Pyramid schemes include elements where the victim gets defrauded of money, property and other assets. Colorado residents use caution before entering these ventures that gain victims’ trust with the promise of huge and unusual investment returns. These schemes are illegal. They are fraudulent schemes that result in harm or loss to the victims. The recruitment process is how the money rises to the top like a pyramid. The more people that get recruited the more money is made for the pyramid.
Victims of white-collar crimes may receive incentive payments to remain in the scheme, but eventually, many lose everything.
MLMs are not illegal but many people lose their assets by continually pouring into the MLM with little return hoping to build a successful business. Because of this, many feel that MLM is a poor business model.
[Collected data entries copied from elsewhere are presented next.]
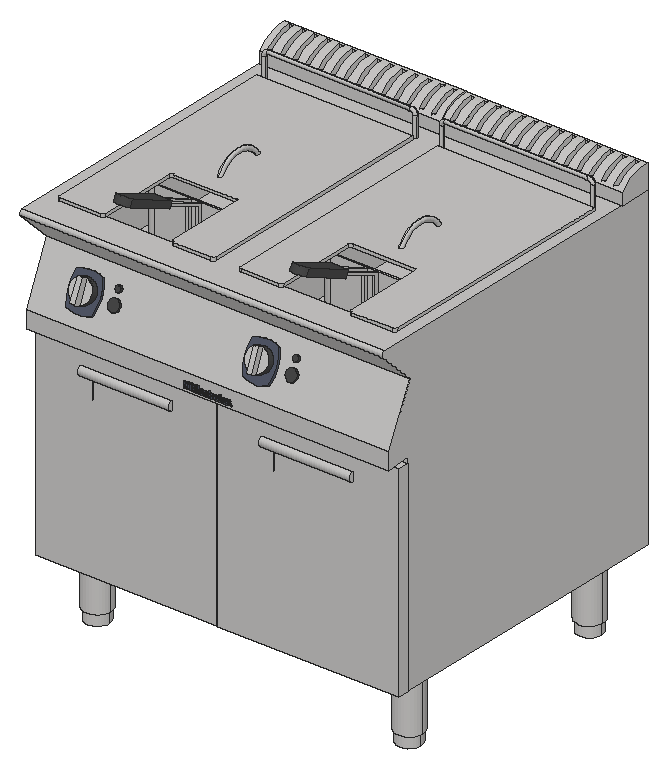
Revit family "QF_ELECTROLUXPROFESSIONAL_371425_E7KKBTBAMEI", category Attrezzature speciali, Revit 2018 (continued)
Automatic sketch dimensions
  Extrusion 20 sketch curve to plane 11 = 84.899 mm
  Extrusion 20 sketch curve to plane 10 "TOP A" = 7.522 mm
  Extrusion 20 sketch curve to Extrusion 20 sketch curve = 6.35 mm
  Extrusion 20 sketch curve to Extrusion 20 sketch curve = 97.432 mm
  Extrusion 21 sketch curve to plane 11 = 1.013 mm
  Extrusion 21 sketch curve to plane 11 = 3.696 mm
  Extrusion 21 sketch curve to plane 10 "TOP A" = 11.567 mm
  Extrusion 21 sketch curve to plane 11 = 84.899 mm
  Extrusion 21 sketch curve to Extrusion 21 sketch curve = 6.35 mm
  Extrusion 21 sketch curve to Extrusion 21 sketch curve = 97.432 mm
  Extrusion 21 sketch curve to plane 10 "TOP A" = 7.522 mm
  plane 1 "BACK" to Extrusion 23 sketch curve = 6.761 mm
  Extrusion 23 sketch curve to plane 7 "Center Y" = 15.351 mm
  Extrusion 23 sketch curve to Extrusion 23 sketch curve = 9.296 mm
  Extrusion 23 sketch curve to Extrusion 23 sketch curve = 57.15 mm
  plane 1 "BACK" to Extrusion 24 sketch curve = 6.761 mm
  plane 3 "LEFT" to Extrusion 24 sketch curve = 50.591 mm
  Extrusion 24 sketch curve to Extrusion 24 sketch curve = 9.296 mm
  Extrusion 24 sketch curve to Extrusion 24 sketch curve = 57.15 mm
  plane 1 "BACK" to Extrusion 25 sketch curve = 6.761 mm
  plane 3 "LEFT" to Extrusion 25 sketch curve = 78.433 mm
  Extrusion 25 sketch curve to Extrusion 25 sketch curve = 9.296 mm
  Extrusion 25 sketch curve to Extrusion 25 sketch curve = 57.15 mm
  plane 1 "BACK" to Extrusion 26 sketch curve = 6.761 mm
  plane 3 "LEFT" to Extrusion 26 sketch curve = 106.275 mm
  Extrusion 26 sketch curve to Extrusion 26 sketch curve = 9.296 mm
  Extrusion 26 sketch curve to Extrusion 26 sketch curve = 57.15 mm
  plane 1 "BACK" to Extrusion 27 sketch curve = 6.761 mm
  plane 3 "LEFT" to Extrusion 27 sketch curve = 134.118 mm
  Extrusion 27 sketch curve to Extrusion 27 sketch curve = 9.296 mm
  Extrusion 27 sketch curve to Extrusion 27 sketch curve = 57.15 mm
  plane 1 "BACK" to Extrusion 28 sketch curve = 6.761 mm
  plane 3 "LEFT" to Extrusion 28 sketch curve = 161.96 mm
  Extrusion 28 sketch curve to Extrusion 28 sketch curve = 9.296 mm
  Extrusion 28 sketch curve to Extrusion 28 sketch curve = 57.15 mm
  plane 1 "BACK" to Extrusion 29 sketch curve = 6.761 mm
  plane 3 "LEFT" to Extrusion 29 sketch curve = 189.802 mm
  Extrusion 29 sketch curve to Extrusion 29 sketch curve = 9.296 mm
  Extrusion 29 sketch curve to Extrusion 29 sketch curve = 57.15 mm
  plane 1 "BACK" to Extrusion 30 sketch curve = 6.761 mm
  Extrusion 30 sketch curve to plane 7 "Center Y" = 182.405 mm
  Extrusion 30 sketch curve to Extrusion 30 sketch curve = 9.296 mm
  Extrusion 30 sketch curve to Extrusion 30 sketch curve = 57.15 mm
  plane 1 "BACK" to Extrusion 31 sketch curve = 6.761 mm
  Extrusion 31 sketch curve to plane 7 "Center Y" = 154.563 mm
  Extrusion 31 sketch curve to Extrusion 31 sketch curve = 9.296 mm
  Extrusion 31 sketch curve to Extrusion 31 sketch curve = 57.15 mm
  plane 1 "BACK" to Extrusion 32 sketch curve = 6.761 mm
  Extrusion 32 sketch curve to plane 7 "Center Y" = 126.721 mm
  Extrusion 32 sketch curve to Extrusion 32 sketch curve = 9.296 mm
  Extrusion 32 sketch curve to Extrusion 32 sketch curve = 57.15 mm
  plane 1 "BACK" to Extrusion 33 sketch curve = 6.761 mm
  Extrusion 33 sketch curve to plane 7 "Center Y" = 98.878 mm
  Extrusion 33 sketch curve to Extrusion 33 sketch curve = 9.296 mm
  Extrusion 33 sketch curve to Extrusion 33 sketch curve = 57.15 mm
  plane 1 "BACK" to Extrusion 34 sketch curve = 6.761 mm
  Extrusion 34 sketch curve to plane 7 "Center Y" = 71.036 mm
  Extrusion 34 sketch curve to Extrusion 34 sketch curve = 9.296 mm
  Extrusion 34 sketch curve to Extrusion 34 sketch curve = 57.15 mm
  plane 1 "BACK" to Extrusion 35 sketch curve = 6.761 mm
  Extrusion 35 sketch curve to plane 7 "Center Y" = 43.194 mm
  Extrusion 35 sketch curve to Extrusion 35 sketch curve = 9.296 mm
  Extrusion 35 sketch curve to Extrusion 35 sketch curve = 57.15 mm
  Extrusion 37 sketch curve to plane 1 "BACK" = 6.761 mm
  Extrusion 37 sketch curve to plane 7 "Center Y" = 15.351 mm
  Extrusion 37 sketch curve to Extrusion 37 sketch curve = 9.296 mm
  Extrusion 37 sketch curve to Extrusion 37 sketch curve = 57.15 mm
  Extrusion 44 sketch curve to plane 1 "BACK" = 6.761 mm
  Extrusion 44 sketch curve to plane 7 "Center Y" = 182.405 mm
  Extrusion 44 sketch curve to Extrusion 44 sketch curve = 9.296 mm
  Extrusion 44 sketch curve to Extrusion 44 sketch curve = 57.15 mm
  Extrusion 45 sketch curve to plane 1 "BACK" = 6.761 mm
  Extrusion 45 sketch curve to plane 7 "Center Y" = 154.563 mm
  Extrusion 45 sketch curve to Extrusion 45 sketch curve = 9.296 mm
  Extrusion 45 sketch curve to Extrusion 45 sketch curve = 57.15 mm
  Extrusion 46 sketch curve to plane 1 "BACK" = 6.761 mm
  Extrusion 46 sketch curve to plane 7 "Center Y" = 126.721 mm
  Extrusion 46 sketch curve to Extrusion 46 sketch curve = 9.296 mm
  Extrusion 46 sketch curve to Extrusion 46 sketch curve = 57.15 mm
  Extrusion 47 sketch curve to plane 1 "BACK" = 6.761 mm
  Extrusion 47 sketch curve to plane 7 "Center Y" = 98.878 mm
  Extrusion 47 sketch curve to Extrusion 47 sketch curve = 9.296 mm
  Extrusion 47 sketch curve to Extrusion 47 sketch curve = 57.15 mm
  Extrusion 48 sketch curve to plane 1 "BACK" = 6.761 mm
  Extrusion 48 sketch curve to plane 7 "Center Y" = 71.036 mm
  Extrusion 48 sketch curve to Extrusion 48 sketch curve = 9.296 mm
  Extrusion 48 sketch curve to Extrusion 48 sketch curve = 57.15 mm
  Extrusion 49 sketch curve to plane 1 "BACK" = 6.761 mm
  Extrusion 49 sketch curve to plane 7 "Center Y" = 43.194 mm
  Extrusion 49 sketch curve to Extrusion 49 sketch curve = 9.296 mm
  Extrusion 49 sketch curve to Extrusion 49 sketch curve = 57.15 mm
  plane 1 "BACK" to Extrusion 50 sketch curve = 0 mm
  plane 7 "Center Y" to Extrusion 50 sketch curve = 1.587 mm
  Extrusion 50 sketch curve to plane 7 "Center Y" = 1.588 mm
  Extrusion 50 sketch curve to plane 1 "BACK" = 69.85 mm
  Extrusion 52 sketch curve to plane 5 "FRONT" = 42.863 mm
  Extrusion 52 sketch curve to Extrusion 52 sketch curve = 15 mm
  Extrusion 52 sketch curve to plane 9 "BASE" = 101.212 mm
  Extrusion 52 sketch curve to Extrusion 52 sketch curve = 41.212 mm
  Extrusion 53 sketch curve to plane 5 "FRONT" = 42.863 mm
  Extrusion 53 sketch curve to plane 9 "BASE" = 60 mm
  Extrusion 53 sketch curve to Extrusion 53 sketch curve = 10 mm
  Extrusion 54 sketch curve to plane 5 "FRONT" = 42.863 mm
  Extrusion 54 sketch curve to Extrusion 54 sketch curve = 15 mm
  Extrusion 54 sketch curve to plane 9 "BASE" = 60 mm
  Extrusion 54 sketch curve to Extrusion 54 sketch curve = 41.212 mm
  Extrusion 55 sketch curve to plane 5 "FRONT" = 42.863 mm
  Extrusion 55 sketch curve to plane 9 "BASE" = 40 mm
  Extrusion 55 sketch curve to Extrusion 55 sketch curve = 10 mm
  Revolve 56 sketch curve to level = 0 mm
  Revolve 56 sketch curve to plane 14 = 0 mm  (x2)
  level to Revolve 56 sketch curve = 25 mm
  Revolve 56 sketch curve to Revolve 56 sketch curve = 20 mm
  plane 3 "LEFT" to Revolve 56 sketch curve = 56 mm
  Revolve 56 sketch curve to Revolve 56 sketch curve = 0 mm
  plane 3 "LEFT" to Revolve 56 sketch curve = 29.75 mm
  plane 3 "LEFT" to Revolve 56 sketch curve = 26 mm
  Revolve 57 sketch curve to level = 0 mm
  Revolve 57 sketch curve to plane 14 = 0 mm  (x2)
  level to Revolve 57 sketch curve = 25 mm
  Revolve 57 sketch curve to Revolve 57 sketch curve = 20 mm
  plane 3 "LEFT" to Revolve 57 sketch curve = 56 mm
  Revolve 57 sketch curve to Revolve 57 sketch curve = 0 mm
  plane 3 "LEFT" to Revolve 57 sketch curve = 29.75 mm
  plane 3 "LEFT" to Revolve 57 sketch curve = 26 mm
  Extrusion 2 sketch curve to plane 10 "TOP A" = 0 mm
  Extrusion 2 sketch curve to plane 1 "BACK" = 0 mm
  Extrusion 2 sketch curve to plane 6 "TOP" = 0 mm
  plane 1 "BACK" to Extrusion 2 sketch curve = 1.769 mm
  plane 10 "TOP A" to Extrusion 2 sketch curve = 25.4 mm
  plane 1 "BACK" to Extrusion 2 sketch curve = 69.85 mm
  plane 12 to Extrusion 3 sketch curve = 0.124 mm  (x2)
  Extrusion 3 sketch curve to plane 4 "RIGHT" = 33.338 mm
  plane 7 "Center Y" to Extrusion 3 sketch curve = 26.988 mm
  Extrusion 3 sketch curve to plane 7 "Center Y" = 26.988 mm
  plane 3 "LEFT" to Extrusion 3 sketch curve = 33.338 mm
  plane 11 to Extrusion 3 sketch curve = 57.877 mm
  Extrusion 3 sketch curve to Extrusion 3 sketch curve = 0 mm
  Extrusion 5 sketch curve to Extrusion 1 = 31.333 mm  (x4)
  Extrusion 5 sketch curve to Extrusion 5 sketch curve = 12.3 mm  (x6)
  Extrusion 5 sketch curve to Extrusion 5 sketch curve = 34.925 mm  (x4)
  Extrusion 1 to Extrusion 5 sketch curve = 44.467 mm  (x2)
  Extrusion 1 to Extrusion 5 sketch curve = 248.835 mm
  Extrusion 5 sketch curve to Extrusion 5 sketch curve = 25.727 mm  (x4)
  Extrusion 5 sketch curve to Extrusion 5 sketch curve = 28.575 mm  (x2)
  Extrusion 1 to Extrusion 5 sketch curve = 162.442 mm
  Extrusion 6 sketch curve to Extrusion 6 sketch curve = 0 mm
  Extrusion 6 sketch curve to Extrusion 6 sketch curve = 388.937 mm
  Extrusion 7 sketch curve to Extrusion 7 sketch curve = 24.732 mm  (x2)
  Extrusion 7 sketch curve to Extrusion 7 sketch curve = 0 mm  (x2)
  Extrusion 1 to Extrusion 8 sketch curve = 39.678 mm  (x2)
  Extrusion 1 to Extrusion 8 sketch curve = 234.515 mm
  Extrusion 1 to Extrusion 8 sketch curve = 173.473 mm
  Extrusion 9 sketch curve to Extrusion 1 = 63.309 mm  (x2)
  Extrusion 1 to Extrusion 9 sketch curve = 234.515 mm
  Extrusion 1 to Extrusion 9 sketch curve = 173.473 mm
  plane 1 "BACK" to Extrusion 10 sketch curve = 0 mm
  Extrusion 10 sketch curve to plane 3 "LEFT" = 0 mm
  Extrusion 10 sketch curve to plane 4 "RIGHT" = 0 mm
  Extrusion 10 sketch curve to plane 3 "LEFT" = 150.019 mm
  plane 5 "FRONT" to Extrusion 10 sketch curve = 1.377 mm  (x2)
  plane 4 "RIGHT" to Extrusion 10 sketch curve = 150.019 mm
  Extrusion 10 sketch curve to plane 1 "BACK" = 150.019 mm
  curve 168 to plane 4 "RIGHT" = 0 mm
  curve 7 to plane 4 "RIGHT" = 0 mm
  plane 5 "FRONT" to curve 169 = 0 mm
  plane 1 "BACK" to curve 163 = 0 mm
  curve 6 to plane 3 "LEFT" = 0 mm
  curve 166 to plane 3 "LEFT" = 0 mm
  plane 4 "RIGHT" to curve 3 = 150.019 mm
  curve 122 to curve 121 = 9.296 mm
  curve 56 to plane 4 "RIGHT" = 26.987 mm
  curve 44 to curve 44 = 6.35 mm
  curve 43 to curve 78 = 10.61 mm
  plane 1 "BACK" to curve 129 = 6.761 mm
  curve 121 to curve 129 = 18.547 mm
  curve 128 to curve 127 = 9.296 mm
  curve 127 to curve 131 = 18.547 mm
  curve 169 to plane 4 "RIGHT" = 74.24 mm
  curve 131 to curve 132 = 9.296 mm
  curve 130 to curve 134 = 18.547 mm
  curve 169 to curve 46 = 47.997 mm
  curve 48 to plane 4 "RIGHT" = 128.587 mm
  curve 47 to curve 48 = 6.35 mm
  plane 1 "BACK" to curve 140 = 6.761 mm
  curve 136 to curve 140 = 18.547 mm
  curve 140 to curve 139 = 9.296 mm
  curve 47 to curve 67 = 54.879 mm
  curve 60 to curve 67 = 0 mm
  curve 60 to curve 67 = 3.442 mm
  curve 143 to curve 142 = 9.296 mm
  curve 58 to curve 64 = 4.079 mm
  curve 48 to curve 68 = 60.633 mm
  curve 64 to curve 63 = 5.857 mm
  curve 68 to curve 70 = 4.449 mm
  curve 67 to curve 60 = 18.617 mm
  curve 67 to curve 60 = 0 mm
  curve 63 to curve 66 = 17.363 mm
  curve 146 to curve 147 = 9.296 mm
  curve 66 to curve 65 = 5.857 mm
  curve 61 to curve 62 = 37.235 mm
  plane 1 "BACK" to curve 150 = 6.761 mm
  curve 145 to curve 150 = 18.547 mm
  curve 149 to curve 148 = 9.296 mm
  curve 65 to curve 50 = 51.399 mm
  curve 152 to curve 151 = 9.296 mm
  curve 62 to curve 62 = 53.67 mm
  curve 51 to curve 53 = 6.35 mm
  plane 1 "BACK" to curve 156 = 6.761 mm
  curve 151 to curve 156 = 18.547 mm
  curve 155 to curve 156 = 9.296 mm
  curve 158 to curve 159 = 9.296 mm
  plane 7 "Center Y" to curve 169 = 54.971 mm
  curve 157 to curve 161 = 18.547 mm
  curve 161 to curve 160 = 9.296 mm
  plane 7 "Center Y" to curve 53 = 33.338 mm
  plane 7 "Center Y" to curve 79 = 28.891 mm
  curve 54 to curve 54 = 6.35 mm
  curve 160 to curve 125 = 18.547 mm
  curve 125 to curve 124 = 9.296 mm
  plane 7 "Center Y" to curve 168 = 3.9 mm
  plane 7 "Center Y" to curve 163 = 1.588 mm
  curve 164 to plane 7 "Center Y" = 1.587 mm
  curve 166 to plane 7 "Center Y" = 3.9 mm
  plane 1 "BACK" to curve 82 = 6.761 mm
  curve 164 to curve 82 = 13.764 mm
  curve 24 to plane 7 "Center Y" = 26.988 mm
  curve 23 to curve 77 = 1.903 mm
  curve 22 to curve 22 = 6.35 mm
  curve 83 to curve 118 = 18.547 mm
  curve 118 to curve 120 = 9.296 mm
  curve 167 to plane 7 "Center Y" = 54.971 mm
  curve 116 to curve 112 = 18.547 mm
  curve 112 to curve 113 = 9.296 mm
  curve 22 to curve 20 = 82.55 mm
  curve 18 to plane 7 "Center Y" = 122.238 mm
  plane 1 "BACK" to curve 109 = 6.761 mm
  curve 113 to curve 109 = 18.547 mm
  curve 18 to curve 17 = 6.35 mm
  curve 109 to curve 110 = 9.296 mm
  plane 1 "BACK" to curve 108 = 6.761 mm
  curve 110 to curve 108 = 18.547 mm
  curve 106 to curve 107 = 9.296 mm
  curve 27 to plane 11 = 5.711 mm
  curve 19 to curve 27 = 53.67 mm
  curve 26 to curve 34 = 4.079 mm
  curve 107 to curve 103 = 18.547 mm
  curve 34 to curve 35 = 5.857 mm
  curve 103 to curve 104 = 9.296 mm
  curve 36 to curve 36 = 18.617 mm
  curve 29 to curve 36 = 0 mm
  plane 8 "Center X" to curve 38 = 38.031 mm
  curve 18 to curve 38 = 66.994 mm
  curve 40 to curve 40 = 4.449 mm
  curve 35 to curve 32 = 17.363 mm
  curve 32 to curve 33 = 5.857 mm
  plane 1 "BACK" to curve 102 = 6.761 mm
  curve 104 to curve 102 = 18.547 mm
  curve 33 to curve 28 = 4.079 mm
  curve 36 to curve 36 = 3.442 mm
  curve 36 to curve 29 = 3.442 mm
  curve 100 to curve 101 = 9.296 mm
  curve 101 to curve 97 = 18.547 mm
  curve 97 to curve 99 = 9.296 mm
  curve 33 to curve 17 = 56.049 mm
  plane 1 "BACK" to curve 94 = 6.761 mm
  curve 98 to curve 94 = 18.547 mm
  curve 16 to curve 15 = 6.35 mm
  curve 94 to curve 95 = 9.296 mm
  curve 15 to curve 14 = 6.35 mm
  curve 95 to curve 91 = 18.547 mm
  plane 1 "BACK" to curve 88 = 6.761 mm
  curve 92 to curve 88 = 18.547 mm
  curve 167 to curve 5 = 74.24 mm
  curve 88 to curve 90 = 9.296 mm
  plane 3 "LEFT" to curve 75 = 37.598 mm
  plane 3 "LEFT" to curve 12 = 33.338 mm
  curve 75 to curve 11 = 10.61 mm
  curve 8 to curve 9 = 9.296 mm
  plane 5 "FRONT" to curve 1 = 1.377 mm
  curve 1 to plane 3 "LEFT" = 150.019 mm
  curve 1 to plane 1 "BACK" = 150.019 mm
  plane 1 "BACK" to curve 162 = 6.761 mm
  plane 1 "BACK" to curve 98 = 6.761 mm
  plane 1 "BACK" to curve 8 = 6.761 mm
  plane 1 "BACK" to curve 93 = 6.761 mm
  plane 1 "BACK" to curve 159 = 6.761 mm
  plane 1 "BACK" to curve 87 = 6.761 mm
  plane 1 "BACK" to curve 153 = 6.761 mm
  plane 1 "BACK" to curve 147 = 6.761 mm
  plane 1 "BACK" to curve 103 = 6.761 mm
  plane 1 "BACK" to curve 144 = 6.761 mm
  plane 1 "BACK" to curve 138 = 6.761 mm
  plane 1 "BACK" to curve 112 = 6.761 mm
  plane 1 "BACK" to curve 135 = 6.761 mm
  plane 1 "BACK" to curve 115 = 6.761 mm
  plane 1 "BACK" to curve 132 = 6.761 mm
  plane 1 "BACK" to curve 118 = 6.761 mm
  plane 1 "BACK" to curve 121 = 6.761 mm
  plane 1 "BACK" to curve 126 = 6.761 mm
  curve 125 to curve 125 = 57.15 mm
  curve 127 to curve 121 = 0 mm
  curve 130 to curve 127 = 0 mm
  curve 133 to curve 130 = 0 mm
  curve 136 to curve 133 = 0 mm
  curve 139 to curve 136 = 0 mm
  curve 142 to curve 139 = 0 mm
  curve 145 to curve 142 = 0 mm
  curve 118 to curve 82 = 0 mm
  curve 148 to curve 145 = 0 mm
  curve 8 to curve 85 = 0 mm
  curve 151 to curve 148 = 0 mm
  curve 85 to curve 88 = 0 mm
  curve 154 to curve 151 = 0 mm
  curve 88 to curve 91 = 0 mm
  curve 157 to curve 154 = 0 mm
  curve 94 to curve 98 = 0 mm
  curve 125 to curve 160 = 0 mm
  curve 82 to curve 164 = 5.939 mm
  curve 25 to curve 165 = 0 mm
  curve 125 to curve 78 = 36.504 mm
  curve 83 to curve 77 = 36.504 mm
  curve 74 to curve 75 = 7.655 mm
  curve 78 to curve 79 = 7.655 mm
  curve 79 to curve 56 = 4.767 mm
  curve 75 to curve 11 = 4.767 mm
  plane 8 "Center X" to curve 71 = 38.031 mm
  curve 37 to plane 8 "Center X" = 63.432 mm
  curve 70 to plane 8 "Center X" = 63.432 mm
  curve 69 to curve 50 = 46.229 mm
  curve 37 to curve 16 = 46.229 mm
  curve 50 to curve 72 = 22.324 mm
  curve 16 to curve 41 = 22.324 mm
  curve 72 to curve 73 = 3.175 mm
  curve 41 to curve 42 = 3.175 mm
  curve 66 to plane 11 = 5.711 mm
  plane 11 to curve 55 = 57.877 mm
  plane 11 to curve 19 = 57.877 mm
  plane 11 to curve 43 = 57.877 mm
  plane 11 to curve 15 = 57.877 mm
  curve 11 to curve 166 = 31.626 mm
  curve 43 to curve 168 = 31.626 mm
  curve 30 to curve 36 = 33.188 mm
  curve 61 to curve 67 = 33.188 mm
  curve 67 to curve 60 = 6.713 mm
  curve 36 to curve 29 = 6.713 mm  (x2)
  curve 29 to curve 36 = 4.011 mm
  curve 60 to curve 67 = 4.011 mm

Pyramid schemes promise high, short-term returns from investments. The pinnacle might supply victims with fraudulent documents that make the scheme appear legitimate. When victims realize the ruse, they will have lost all or most of their assets. White-collar crimes are face stiff penalties including prison sentences.
Crimes like these are challenging because the victims generally sign agreements willingly and often receive payments or bonuses. MLM or network marketing appear legitimate because they provide a physical product to sell or distribute.
Members recruit additional marketers while also selling products. MLMs have a commission-based payment structure with few salaried employees. Most marketers are not employees and have few protections against loss. The product is generally something people will typically purchase, and the idea is to get people to buy from the MLM.